Écrit le 18/12/2019 dans Autre actualité - Mis à jour le 19/12/2019

Deuxième épisode : des expériences enrichissantes

Les Orques sont-ils sensibles aux émissions des sonars militaires ? A quel point ? Quelles peuvent être leurs réactions ? Si ces questions ne furent jamais publiquement posées, des réponses y furent apportées lors de séries d’expériences organisées depuis le début des années 2000 et largement financées par des organismes paramilitaires.

Cétacé d’une puissance mythique, l’Orque s’est pourtant montré vulnérable lors d’expériences avec des sonars

En effet, mise en cause à la suite de plusieurs accidents mortels retentissants touchant surtout la famille des Ziphius, l’US Navy, bientôt suivie par des marines européennes, organise et finance des programmes de recherche connus sous le nom de ‘Behavioral Response Studies’ ou encore ‘Controlled Exposure Experiments’. Il s’agit d’étudier la réaction d’espèces de cétacés à des signaux de sonar simulés ou réels ; pour ce faire, d’abord on équipe des cétacés sauvages d’une balise enregistreuse numérique (souvent un ‘DTAG’), puis on leur projette des sons de sonars, à des niveaux sonores modérés, et on étudie leurs réactions.

Premières expériences européennes, en Norvège en 2006

Depuis 15 ans, toute une discipline scientifique s’est ainsi développée, s’adressant à une communauté de chercheurs devenue spécifique, et bénéficiant de financements d’un montant inédit : au total plusieurs centaines de millions, certainement. A-t-on pensé aussi que l’on musellerait une partie de la communauté scientifique ?

Les principaux programmes sont listés ci-dessous, avec un lien internet permettant d’accéder à un document :

Les Orques fréquentent volontiers les espaces côtiers, en Norvège ou ailleurs, … du moment que la nourriture est abondante !

Mais … et nos Orques là-dedans ? Orcinus orca a principalement été traité lors de la phase 3S1 et plus précisément de 2006 à 2009, en Norvège. Des individus ont été soumis à différents sons, représentatifs de sonars à basse fréquence (LFAS), à moyenne fréquence (MFAS), et même à des cris d’Orques de populations différentes. Pour être plus explicite: les sonars LFAS émettaient dans la bande 1-2 kHz et les MFAS dans la bande 6-7 kHz, deux gammes de fréquence largement répandues dans les sonars européens, remorqués ou de coque, et dans le type SQS-56 de l’US Navy. Mais les expériences ne couvrent pas la bande 3 kHz, celle du très puissant SQS-53C de l’US Navy (235 dB de niveau de source).

Pour beaucoup d’odontocètes, dont l’Orque, le battement de caudale sur la surface est un signe d’énervement

On trouve des aperçus des résultats de ces expériences dans les rapports des programmes 3S (Kvadsheim et al. 2007 et suivants). En 2006, les Orques ont subi des expositions dans un fjord norvégien, 3 individus ont été ‘tagués’. Si les réactions au sonar basse fréquence ont été estimées négligeables, les individus ont été particulièrement réactifs au sonar moyenne fréquence. Recevant un niveau d’environ 150 dB, les Orques ont immédiatement modifié leur cycle de plongée, battu de la caudale, avant de s’éloigner rapidement de la source sonar (rapport de 2007 pp.38-39).

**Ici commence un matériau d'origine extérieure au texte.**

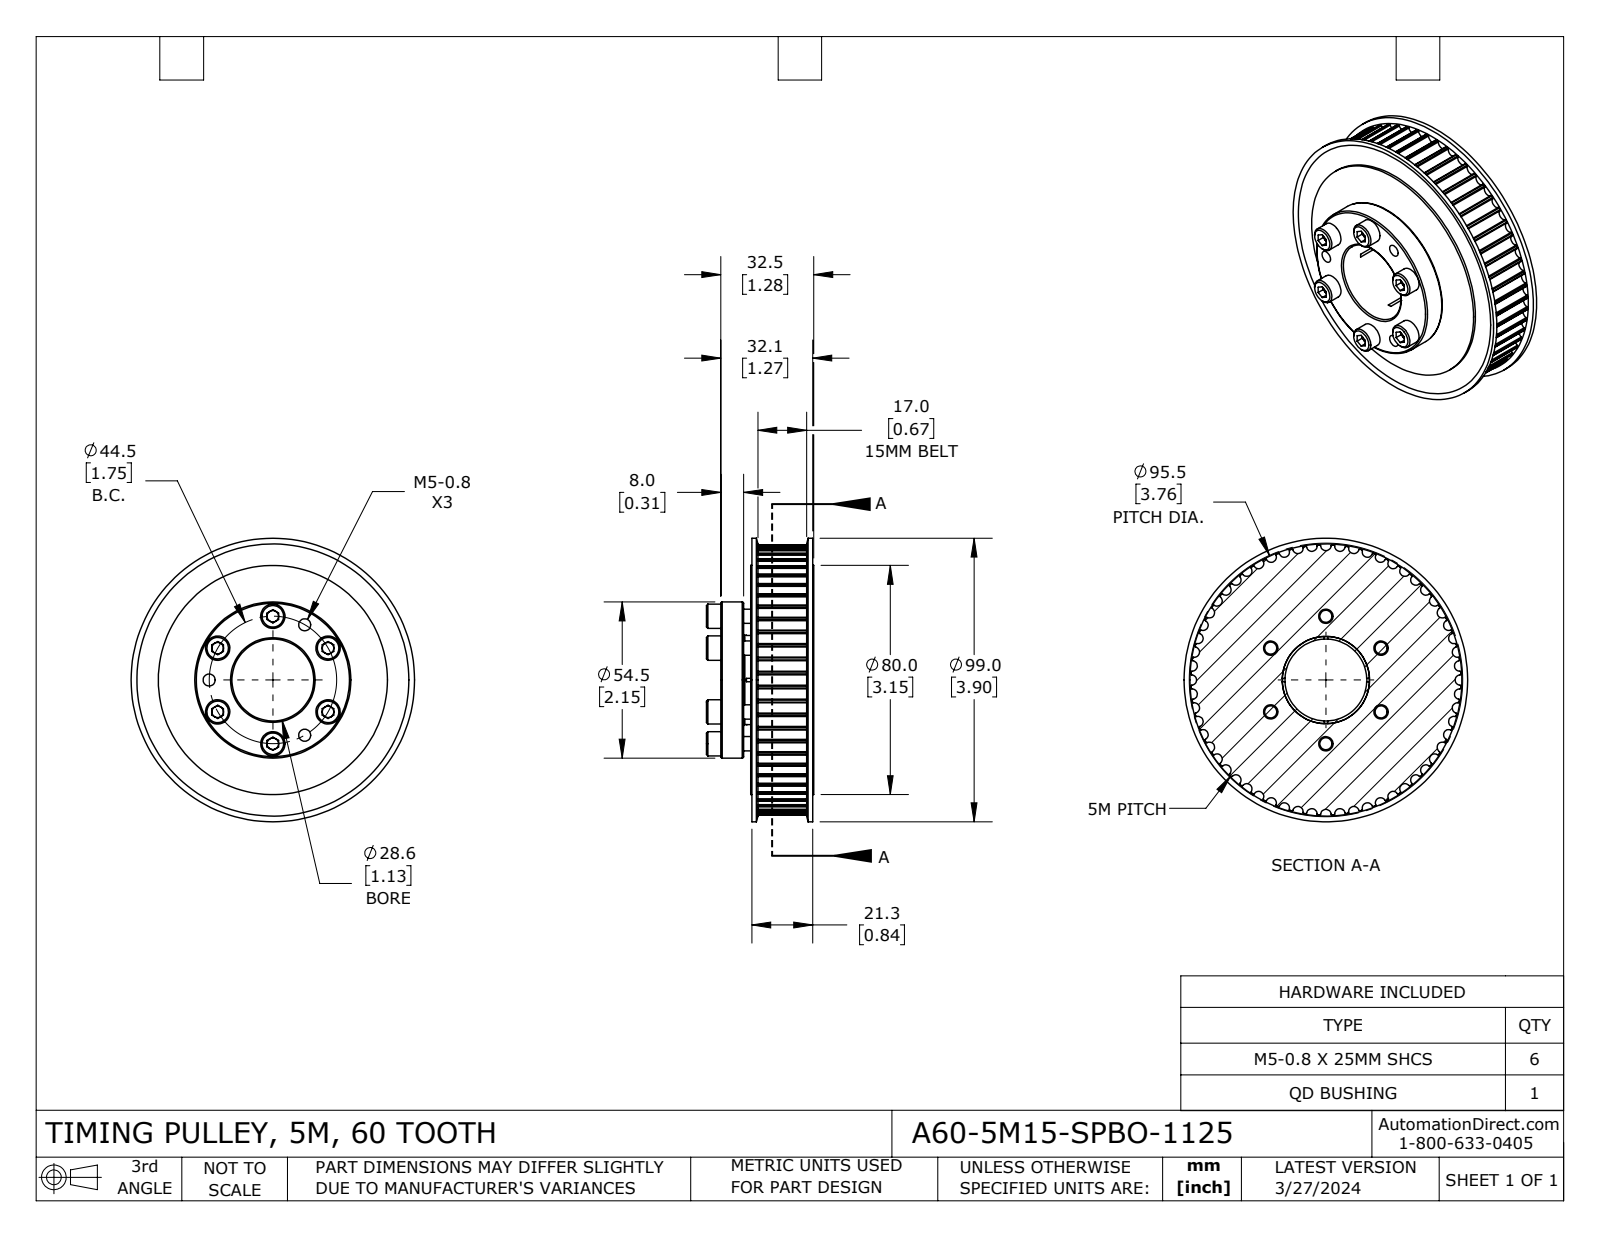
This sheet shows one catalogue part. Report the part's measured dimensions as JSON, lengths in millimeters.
{"part_name": "A60-5M15-SPBO-1125", "step_written_by": "SolidWorks 2021 (CONFIG_CONTROL_DESIGN)", "units": "millimeters", "bodies": {"solids": 10, "faces": 553, "planar": 116, "cylindrical": 375, "other": 62}, "overall_size": [99, 99, 37.5], "volume_mm3": 147126, "surface_area_mm2": 49535, "round_holes": [[4.2, 9], [5.5, 6], [28.57, 1], [28.58, 1], [31.18, 1], [80, 1]], "round_bosses_or_shafts": [[8.5, 6], [5, 6], [99, 1], [54.5, 1], [31.17, 1]], "partial_cylinders_radius": [[0.3, 120], [1.82, 60], [47.17, 1]], "face_to_face_distances": [2.5, 19.5, 22, 0.9, 21.1, 1.6, 18.6, 17, 20.2, 13], "hole_center_spacings": [22.25, 38.54, 44.5, 31.47, 42.99, 11.52, 38.53, 11.51]}
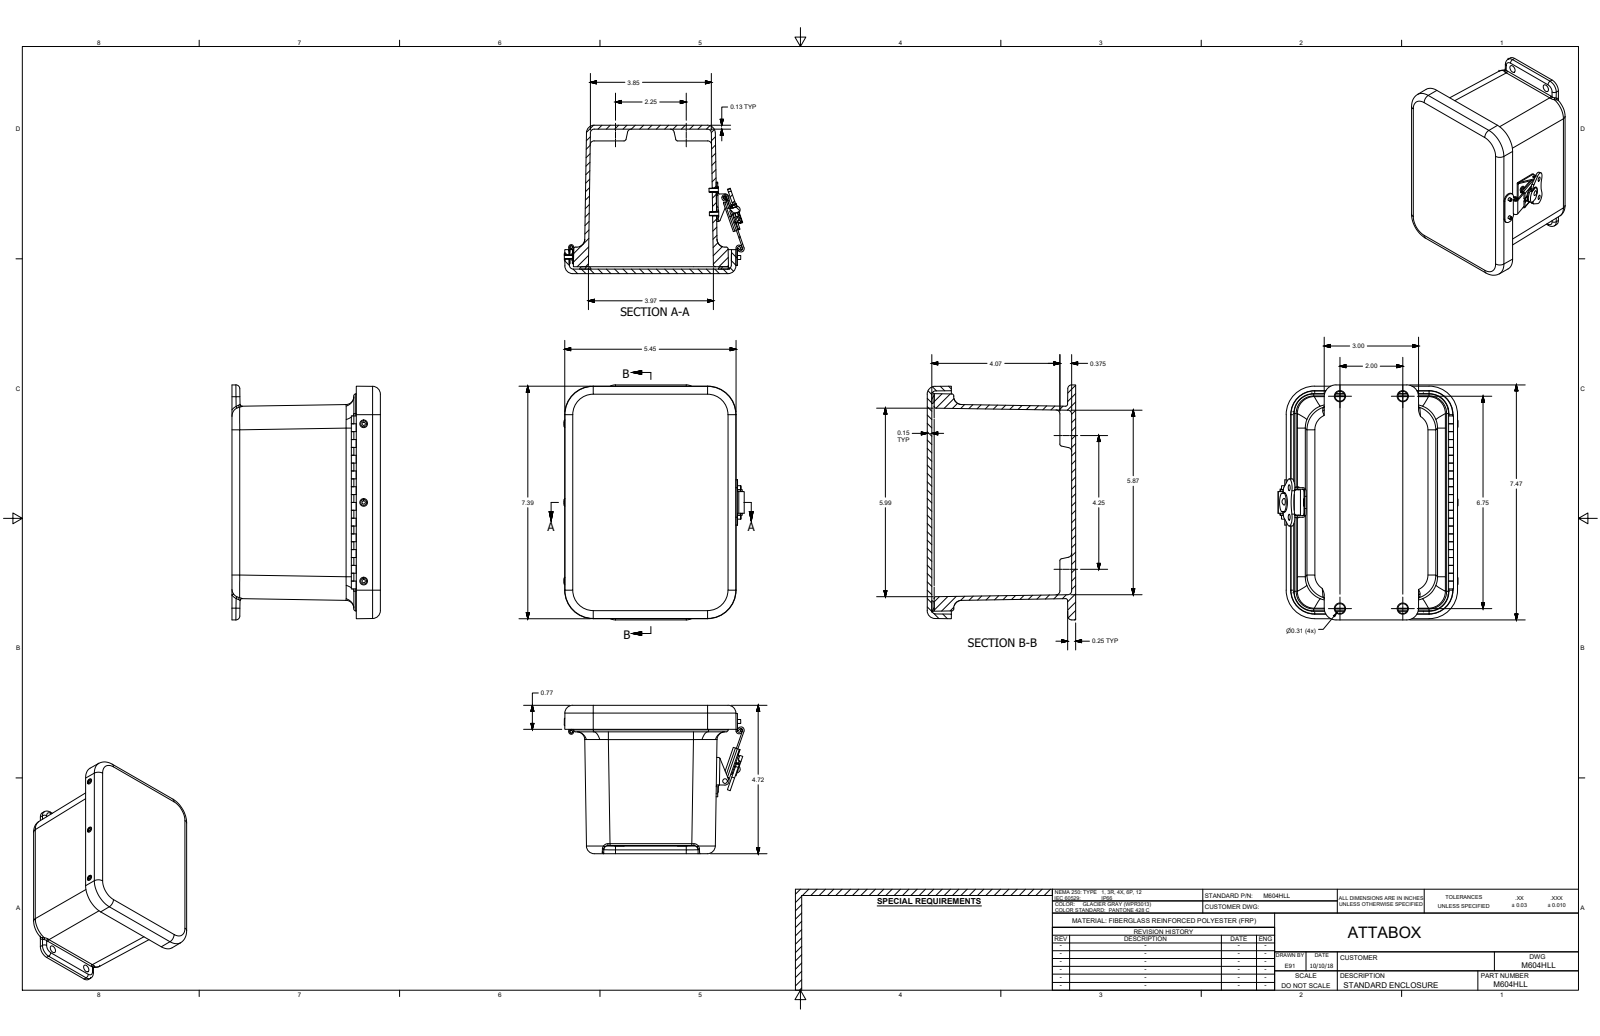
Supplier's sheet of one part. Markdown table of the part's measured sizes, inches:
| quantity | value |
| --- | --- |
| part name | M604HLL |
| STEP written by | SolidWorks 2018 (AUTOMOTIVE_DESIGN) |
| units | inches |
| bodies | 29 solids, 787 faces (290 planar, 317 cylindrical, 180 other) |
| overall size | 7.47 × 5.734 × 4.718 |
| volume | 29.4 in³ |
| surface area | 405.4 in² |
| round holes (diameter × count) | 0.14 × 10, 0.104 × 9, 0.152 × 8, 0.131 × 5, 0.159 × 4, 0.218 × 4, 0.13 × 2, 0.133 × 2, 0.187 × 2, 0.191 × 2, 0.067 × 1, 0.085 × 1 |
| round bosses / shafts (diameter × count) | 0.125 × 5, 0.125 × 5, 0.27 × 4, 0.66 × 1, 0.582 × 1, 0.525 × 1, 0.286 × 1, 0.213 × 1 |
| partial cylindrical surfaces (radius × count) | 0.125 × 43, 0.25 × 11, 0.062 × 9, 0.063 × 9, 0.015 × 8, 0.074 × 8, 0.625 × 8, 0.06 × 7 |
| main face-to-face distances | 0.145, 4.573, 4.718, 0.125, 4.448, 4.593, 4.375, 0.348, 4.5, 0.073 |
| hole center spacings | 2.5, 4, 5, 2.25, 3.339, 4.809, 6.102, 0.281 |

Il est toujours difficile de séparer une mère de son nourrisson, mais avec les expériences sonar sur les Orques, les scientifiques ont réussi.

Ces premiers résultats ont été confirmés et même amplifiés avec les expériences de 2008 et 2009. En 2008, une exposition en moyenne fréquence à un niveau atteignant 154 dB a entraîné une fuite et même une séparation de plus d’une heure et demie entre le groupe d’Orques et le nouveau-né (Miller et al. 2011, p.45 et suivantes). En 2009, l’expérience avec des Orques au large a montré une forte réaction d’évasion lors de transmissions à basse fréquence avec un niveau reçu supérieur à 160 dB et à moyenne fréquence à des niveaux reçus de 150 dB ((Miller et al. 2011, p.71 et suivantes).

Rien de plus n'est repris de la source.